Assigned task:
Your output must be the line containing "#6842=EDGE_LOOP('',(#16328,#16329,#16330,#16331));" followed by every later line in the entries below, all copied exactly.

* * *

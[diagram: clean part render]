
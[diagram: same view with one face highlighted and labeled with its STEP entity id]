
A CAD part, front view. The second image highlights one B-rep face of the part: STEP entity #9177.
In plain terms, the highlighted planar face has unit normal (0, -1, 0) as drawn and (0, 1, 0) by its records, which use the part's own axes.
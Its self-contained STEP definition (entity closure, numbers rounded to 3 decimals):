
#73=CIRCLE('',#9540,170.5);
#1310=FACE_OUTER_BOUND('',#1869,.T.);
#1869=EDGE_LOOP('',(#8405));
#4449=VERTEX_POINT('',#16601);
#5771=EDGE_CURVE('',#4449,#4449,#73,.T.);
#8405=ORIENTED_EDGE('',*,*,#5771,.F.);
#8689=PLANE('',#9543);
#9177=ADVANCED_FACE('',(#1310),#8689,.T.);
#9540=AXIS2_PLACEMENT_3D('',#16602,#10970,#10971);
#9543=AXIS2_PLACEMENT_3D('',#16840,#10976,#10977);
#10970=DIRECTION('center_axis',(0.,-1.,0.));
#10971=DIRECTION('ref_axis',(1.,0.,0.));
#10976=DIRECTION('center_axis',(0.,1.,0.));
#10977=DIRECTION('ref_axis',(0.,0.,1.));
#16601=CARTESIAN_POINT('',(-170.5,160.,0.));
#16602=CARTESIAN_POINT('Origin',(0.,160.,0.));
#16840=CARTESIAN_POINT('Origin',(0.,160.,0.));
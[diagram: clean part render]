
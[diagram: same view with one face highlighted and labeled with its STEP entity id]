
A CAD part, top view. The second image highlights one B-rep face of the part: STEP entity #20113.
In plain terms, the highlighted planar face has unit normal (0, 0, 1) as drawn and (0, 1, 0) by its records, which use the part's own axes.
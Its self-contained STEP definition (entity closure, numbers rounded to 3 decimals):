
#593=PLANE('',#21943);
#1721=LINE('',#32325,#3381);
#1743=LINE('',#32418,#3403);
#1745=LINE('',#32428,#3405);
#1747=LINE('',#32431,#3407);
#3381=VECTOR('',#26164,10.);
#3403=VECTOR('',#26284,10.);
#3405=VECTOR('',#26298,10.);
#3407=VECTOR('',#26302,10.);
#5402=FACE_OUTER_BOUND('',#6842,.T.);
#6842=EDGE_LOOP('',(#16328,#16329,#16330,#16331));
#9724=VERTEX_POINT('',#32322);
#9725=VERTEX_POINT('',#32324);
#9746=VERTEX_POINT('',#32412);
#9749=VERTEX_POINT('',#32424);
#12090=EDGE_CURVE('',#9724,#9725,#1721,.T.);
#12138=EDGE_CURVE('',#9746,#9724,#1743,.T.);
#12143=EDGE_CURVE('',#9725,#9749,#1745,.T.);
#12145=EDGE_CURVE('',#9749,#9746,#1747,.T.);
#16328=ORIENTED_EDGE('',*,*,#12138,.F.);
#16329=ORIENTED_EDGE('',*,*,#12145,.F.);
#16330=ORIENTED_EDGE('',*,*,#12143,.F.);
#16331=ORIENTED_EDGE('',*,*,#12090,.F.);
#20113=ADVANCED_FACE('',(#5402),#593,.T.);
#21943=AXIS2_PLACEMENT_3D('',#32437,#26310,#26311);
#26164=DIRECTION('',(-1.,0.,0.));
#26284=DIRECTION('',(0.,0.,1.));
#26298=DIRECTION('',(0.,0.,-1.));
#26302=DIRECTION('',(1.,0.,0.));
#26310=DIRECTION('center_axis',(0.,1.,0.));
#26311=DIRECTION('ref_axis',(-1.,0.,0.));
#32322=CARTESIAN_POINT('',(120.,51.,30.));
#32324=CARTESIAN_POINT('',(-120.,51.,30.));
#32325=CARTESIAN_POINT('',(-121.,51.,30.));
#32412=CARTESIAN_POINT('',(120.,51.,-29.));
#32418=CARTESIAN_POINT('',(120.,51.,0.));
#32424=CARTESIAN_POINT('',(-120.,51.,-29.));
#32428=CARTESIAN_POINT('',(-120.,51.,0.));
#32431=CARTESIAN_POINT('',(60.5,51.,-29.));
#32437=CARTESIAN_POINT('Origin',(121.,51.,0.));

* * *

Response to this exercise:
#6842=EDGE_LOOP('',(#16328,#16329,#16330,#16331));
#9724=VERTEX_POINT('',#32322);
#9725=VERTEX_POINT('',#32324);
#9746=VERTEX_POINT('',#32412);
#9749=VERTEX_POINT('',#32424);
#12090=EDGE_CURVE('',#9724,#9725,#1721,.T.);
#12138=EDGE_CURVE('',#9746,#9724,#1743,.T.);
#12143=EDGE_CURVE('',#9725,#9749,#1745,.T.);
#12145=EDGE_CURVE('',#9749,#9746,#1747,.T.);
#16328=ORIENTED_EDGE('',*,*,#12138,.F.);
#16329=ORIENTED_EDGE('',*,*,#12145,.F.);
#16330=ORIENTED_EDGE('',*,*,#12143,.F.);
#16331=ORIENTED_EDGE('',*,*,#12090,.F.);
#20113=ADVANCED_FACE('',(#5402),#593,.T.);
#21943=AXIS2_PLACEMENT_3D('',#32437,#26310,#26311);
#26164=DIRECTION('',(-1.,0.,0.));
#26284=DIRECTION('',(0.,0.,1.));
#26298=DIRECTION('',(0.,0.,-1.));
#26302=DIRECTION('',(1.,0.,0.));
#26310=DIRECTION('center_axis',(0.,1.,0.));
#26311=DIRECTION('ref_axis',(-1.,0.,0.));
#32322=CARTESIAN_POINT('',(120.,51.,30.));
#32324=CARTESIAN_POINT('',(-120.,51.,30.));
#32325=CARTESIAN_POINT('',(-121.,51.,30.));
#32412=CARTESIAN_POINT('',(120.,51.,-29.));
#32418=CARTESIAN_POINT('',(120.,51.,0.));
#32424=CARTESIAN_POINT('',(-120.,51.,-29.));
#32428=CARTESIAN_POINT('',(-120.,51.,0.));
#32431=CARTESIAN_POINT('',(60.5,51.,-29.));
#32437=CARTESIAN_POINT('Origin',(121.,51.,0.));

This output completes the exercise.